Records from a data source:
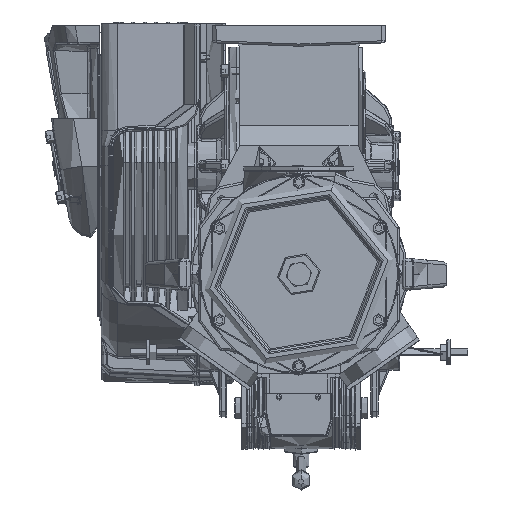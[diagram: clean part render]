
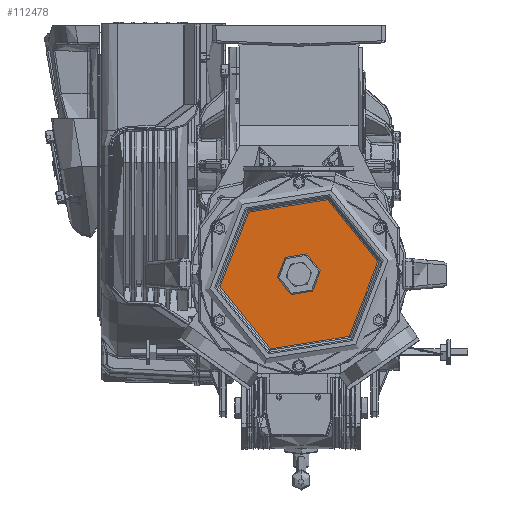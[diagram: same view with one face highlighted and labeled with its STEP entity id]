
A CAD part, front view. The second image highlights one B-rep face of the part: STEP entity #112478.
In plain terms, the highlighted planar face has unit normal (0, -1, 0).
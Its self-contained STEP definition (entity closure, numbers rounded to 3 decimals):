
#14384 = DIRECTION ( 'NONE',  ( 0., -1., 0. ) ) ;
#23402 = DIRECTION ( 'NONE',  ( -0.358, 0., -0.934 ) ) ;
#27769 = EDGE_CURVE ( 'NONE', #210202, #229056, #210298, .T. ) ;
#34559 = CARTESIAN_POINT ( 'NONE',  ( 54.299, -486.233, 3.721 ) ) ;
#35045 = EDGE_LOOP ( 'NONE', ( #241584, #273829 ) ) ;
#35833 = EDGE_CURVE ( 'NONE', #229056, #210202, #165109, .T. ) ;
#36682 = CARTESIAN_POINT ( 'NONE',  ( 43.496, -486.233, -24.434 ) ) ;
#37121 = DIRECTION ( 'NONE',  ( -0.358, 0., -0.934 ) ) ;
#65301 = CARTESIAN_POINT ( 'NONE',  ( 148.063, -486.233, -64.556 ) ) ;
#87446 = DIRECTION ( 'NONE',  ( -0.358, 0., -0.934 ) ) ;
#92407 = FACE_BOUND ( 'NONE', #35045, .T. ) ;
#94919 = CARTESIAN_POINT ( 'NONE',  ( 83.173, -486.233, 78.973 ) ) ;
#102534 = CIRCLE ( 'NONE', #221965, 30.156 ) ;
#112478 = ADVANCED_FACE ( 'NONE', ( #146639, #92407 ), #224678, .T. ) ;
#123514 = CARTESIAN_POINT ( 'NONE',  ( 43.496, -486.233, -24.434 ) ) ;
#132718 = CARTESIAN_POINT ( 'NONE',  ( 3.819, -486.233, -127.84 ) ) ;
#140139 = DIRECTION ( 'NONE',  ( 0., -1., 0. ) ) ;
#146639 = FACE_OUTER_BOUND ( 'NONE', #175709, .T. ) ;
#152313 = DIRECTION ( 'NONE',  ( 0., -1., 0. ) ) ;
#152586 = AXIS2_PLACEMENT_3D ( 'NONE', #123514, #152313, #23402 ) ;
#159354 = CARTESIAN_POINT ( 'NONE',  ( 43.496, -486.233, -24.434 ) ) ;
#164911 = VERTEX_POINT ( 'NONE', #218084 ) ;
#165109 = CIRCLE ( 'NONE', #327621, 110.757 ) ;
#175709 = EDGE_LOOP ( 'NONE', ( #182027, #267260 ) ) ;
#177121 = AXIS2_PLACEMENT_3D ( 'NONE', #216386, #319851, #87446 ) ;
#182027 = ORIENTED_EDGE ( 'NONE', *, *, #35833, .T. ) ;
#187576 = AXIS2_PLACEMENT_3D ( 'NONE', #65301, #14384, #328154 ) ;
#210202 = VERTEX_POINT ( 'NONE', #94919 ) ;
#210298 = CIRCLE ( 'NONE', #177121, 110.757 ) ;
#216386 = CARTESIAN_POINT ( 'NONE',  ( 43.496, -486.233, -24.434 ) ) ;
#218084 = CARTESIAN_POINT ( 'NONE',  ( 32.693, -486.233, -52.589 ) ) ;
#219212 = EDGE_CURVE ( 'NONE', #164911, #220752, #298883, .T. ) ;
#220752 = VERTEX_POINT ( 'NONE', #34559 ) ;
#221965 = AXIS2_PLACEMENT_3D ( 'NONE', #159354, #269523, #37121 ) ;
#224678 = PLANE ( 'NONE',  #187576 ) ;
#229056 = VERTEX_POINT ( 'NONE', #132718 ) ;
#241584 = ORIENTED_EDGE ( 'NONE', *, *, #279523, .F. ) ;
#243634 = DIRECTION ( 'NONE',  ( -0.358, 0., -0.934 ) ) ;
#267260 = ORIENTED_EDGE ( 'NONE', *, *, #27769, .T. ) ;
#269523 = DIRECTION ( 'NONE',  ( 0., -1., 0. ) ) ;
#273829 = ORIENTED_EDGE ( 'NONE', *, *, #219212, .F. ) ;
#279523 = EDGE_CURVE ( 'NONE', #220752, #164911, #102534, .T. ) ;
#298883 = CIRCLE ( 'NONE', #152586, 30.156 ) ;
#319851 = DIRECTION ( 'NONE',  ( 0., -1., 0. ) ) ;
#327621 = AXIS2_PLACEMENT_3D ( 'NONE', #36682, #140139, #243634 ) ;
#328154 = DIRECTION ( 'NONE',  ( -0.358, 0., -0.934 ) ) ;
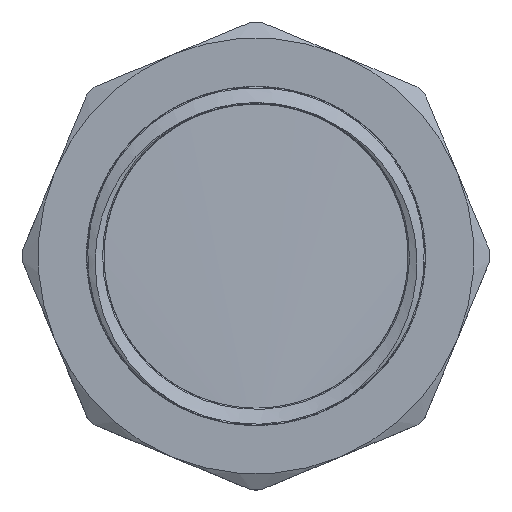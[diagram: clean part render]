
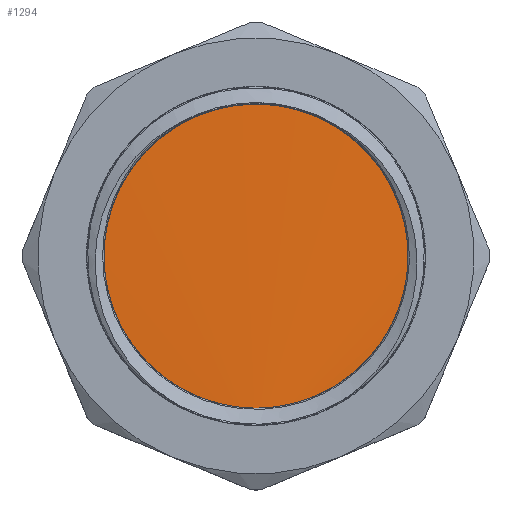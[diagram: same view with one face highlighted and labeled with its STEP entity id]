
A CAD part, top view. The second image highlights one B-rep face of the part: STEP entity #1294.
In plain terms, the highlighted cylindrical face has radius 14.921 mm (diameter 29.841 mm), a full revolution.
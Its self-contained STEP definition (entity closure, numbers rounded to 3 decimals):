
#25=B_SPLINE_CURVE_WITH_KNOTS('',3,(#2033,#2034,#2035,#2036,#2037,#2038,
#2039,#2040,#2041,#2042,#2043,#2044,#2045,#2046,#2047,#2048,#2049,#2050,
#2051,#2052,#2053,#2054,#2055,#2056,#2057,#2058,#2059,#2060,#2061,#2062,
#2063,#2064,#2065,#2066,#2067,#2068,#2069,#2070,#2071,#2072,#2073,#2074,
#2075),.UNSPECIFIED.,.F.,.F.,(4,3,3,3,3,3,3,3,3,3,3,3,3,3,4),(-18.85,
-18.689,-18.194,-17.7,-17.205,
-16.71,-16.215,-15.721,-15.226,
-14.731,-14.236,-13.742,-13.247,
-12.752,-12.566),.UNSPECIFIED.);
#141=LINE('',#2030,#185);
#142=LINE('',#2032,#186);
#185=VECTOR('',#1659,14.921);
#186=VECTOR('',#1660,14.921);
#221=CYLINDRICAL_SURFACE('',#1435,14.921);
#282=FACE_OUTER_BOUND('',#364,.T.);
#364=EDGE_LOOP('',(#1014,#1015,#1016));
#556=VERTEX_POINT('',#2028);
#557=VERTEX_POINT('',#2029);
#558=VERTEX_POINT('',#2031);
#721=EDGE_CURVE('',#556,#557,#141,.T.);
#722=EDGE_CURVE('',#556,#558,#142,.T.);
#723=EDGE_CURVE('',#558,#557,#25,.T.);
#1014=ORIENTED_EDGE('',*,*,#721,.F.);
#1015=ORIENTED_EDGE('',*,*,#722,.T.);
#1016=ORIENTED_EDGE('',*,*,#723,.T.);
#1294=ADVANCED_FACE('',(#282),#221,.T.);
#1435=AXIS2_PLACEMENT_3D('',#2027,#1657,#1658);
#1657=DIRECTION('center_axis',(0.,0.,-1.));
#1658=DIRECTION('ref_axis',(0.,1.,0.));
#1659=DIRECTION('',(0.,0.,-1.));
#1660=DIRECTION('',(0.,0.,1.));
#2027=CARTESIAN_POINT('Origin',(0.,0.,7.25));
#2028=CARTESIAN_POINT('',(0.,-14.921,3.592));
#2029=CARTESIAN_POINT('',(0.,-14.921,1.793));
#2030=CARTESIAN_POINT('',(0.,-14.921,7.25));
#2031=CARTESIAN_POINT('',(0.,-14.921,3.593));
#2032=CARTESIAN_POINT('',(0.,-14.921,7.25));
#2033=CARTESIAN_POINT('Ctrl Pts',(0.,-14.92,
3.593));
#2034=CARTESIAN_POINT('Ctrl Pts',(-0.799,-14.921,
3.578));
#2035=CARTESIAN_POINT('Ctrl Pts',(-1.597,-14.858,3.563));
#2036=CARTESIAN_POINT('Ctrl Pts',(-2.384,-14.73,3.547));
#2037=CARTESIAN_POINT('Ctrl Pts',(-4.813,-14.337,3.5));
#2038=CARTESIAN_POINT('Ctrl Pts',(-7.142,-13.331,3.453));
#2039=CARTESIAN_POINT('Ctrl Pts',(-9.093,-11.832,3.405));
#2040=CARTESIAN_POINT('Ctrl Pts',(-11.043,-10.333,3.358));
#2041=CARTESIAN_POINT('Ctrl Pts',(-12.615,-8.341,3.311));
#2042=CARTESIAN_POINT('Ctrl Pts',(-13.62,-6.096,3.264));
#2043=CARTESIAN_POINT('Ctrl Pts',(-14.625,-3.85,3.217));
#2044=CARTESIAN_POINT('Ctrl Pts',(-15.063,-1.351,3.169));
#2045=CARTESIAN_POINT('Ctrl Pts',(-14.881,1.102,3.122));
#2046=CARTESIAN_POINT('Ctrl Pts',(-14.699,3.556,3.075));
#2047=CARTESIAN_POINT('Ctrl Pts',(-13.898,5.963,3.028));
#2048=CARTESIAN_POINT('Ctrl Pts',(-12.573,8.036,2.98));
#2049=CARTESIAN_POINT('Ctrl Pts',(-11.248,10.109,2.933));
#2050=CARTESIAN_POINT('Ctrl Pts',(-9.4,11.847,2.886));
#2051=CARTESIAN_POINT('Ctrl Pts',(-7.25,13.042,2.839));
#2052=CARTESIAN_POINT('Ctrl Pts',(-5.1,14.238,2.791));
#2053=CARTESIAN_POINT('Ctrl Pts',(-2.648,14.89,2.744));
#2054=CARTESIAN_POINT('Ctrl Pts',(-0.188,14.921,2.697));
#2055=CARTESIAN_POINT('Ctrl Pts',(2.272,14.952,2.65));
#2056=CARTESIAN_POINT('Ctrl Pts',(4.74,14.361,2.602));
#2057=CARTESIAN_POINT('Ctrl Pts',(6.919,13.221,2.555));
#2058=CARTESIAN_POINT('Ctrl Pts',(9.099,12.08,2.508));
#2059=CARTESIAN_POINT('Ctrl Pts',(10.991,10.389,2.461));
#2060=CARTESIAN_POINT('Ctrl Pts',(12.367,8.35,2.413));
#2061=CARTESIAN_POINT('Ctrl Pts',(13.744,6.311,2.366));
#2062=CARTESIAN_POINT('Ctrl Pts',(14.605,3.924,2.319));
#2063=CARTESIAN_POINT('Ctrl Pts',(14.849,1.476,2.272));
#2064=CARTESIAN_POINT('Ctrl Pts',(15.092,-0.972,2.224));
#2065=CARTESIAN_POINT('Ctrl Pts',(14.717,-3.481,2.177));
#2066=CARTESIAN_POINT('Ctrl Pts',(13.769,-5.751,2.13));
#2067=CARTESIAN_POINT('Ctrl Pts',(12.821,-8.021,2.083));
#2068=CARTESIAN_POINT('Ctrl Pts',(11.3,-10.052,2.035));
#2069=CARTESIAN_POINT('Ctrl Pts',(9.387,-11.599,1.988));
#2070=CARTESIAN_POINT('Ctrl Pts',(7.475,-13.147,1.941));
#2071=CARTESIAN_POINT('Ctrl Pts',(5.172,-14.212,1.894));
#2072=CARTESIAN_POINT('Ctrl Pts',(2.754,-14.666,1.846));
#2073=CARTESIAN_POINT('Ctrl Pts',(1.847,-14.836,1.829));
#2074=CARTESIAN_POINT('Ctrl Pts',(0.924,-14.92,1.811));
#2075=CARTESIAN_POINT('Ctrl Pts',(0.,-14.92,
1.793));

Task objective =>
Each line above that includes "UNSPECIFIED" counts once; state the total and nothing more.

Your solution =>
2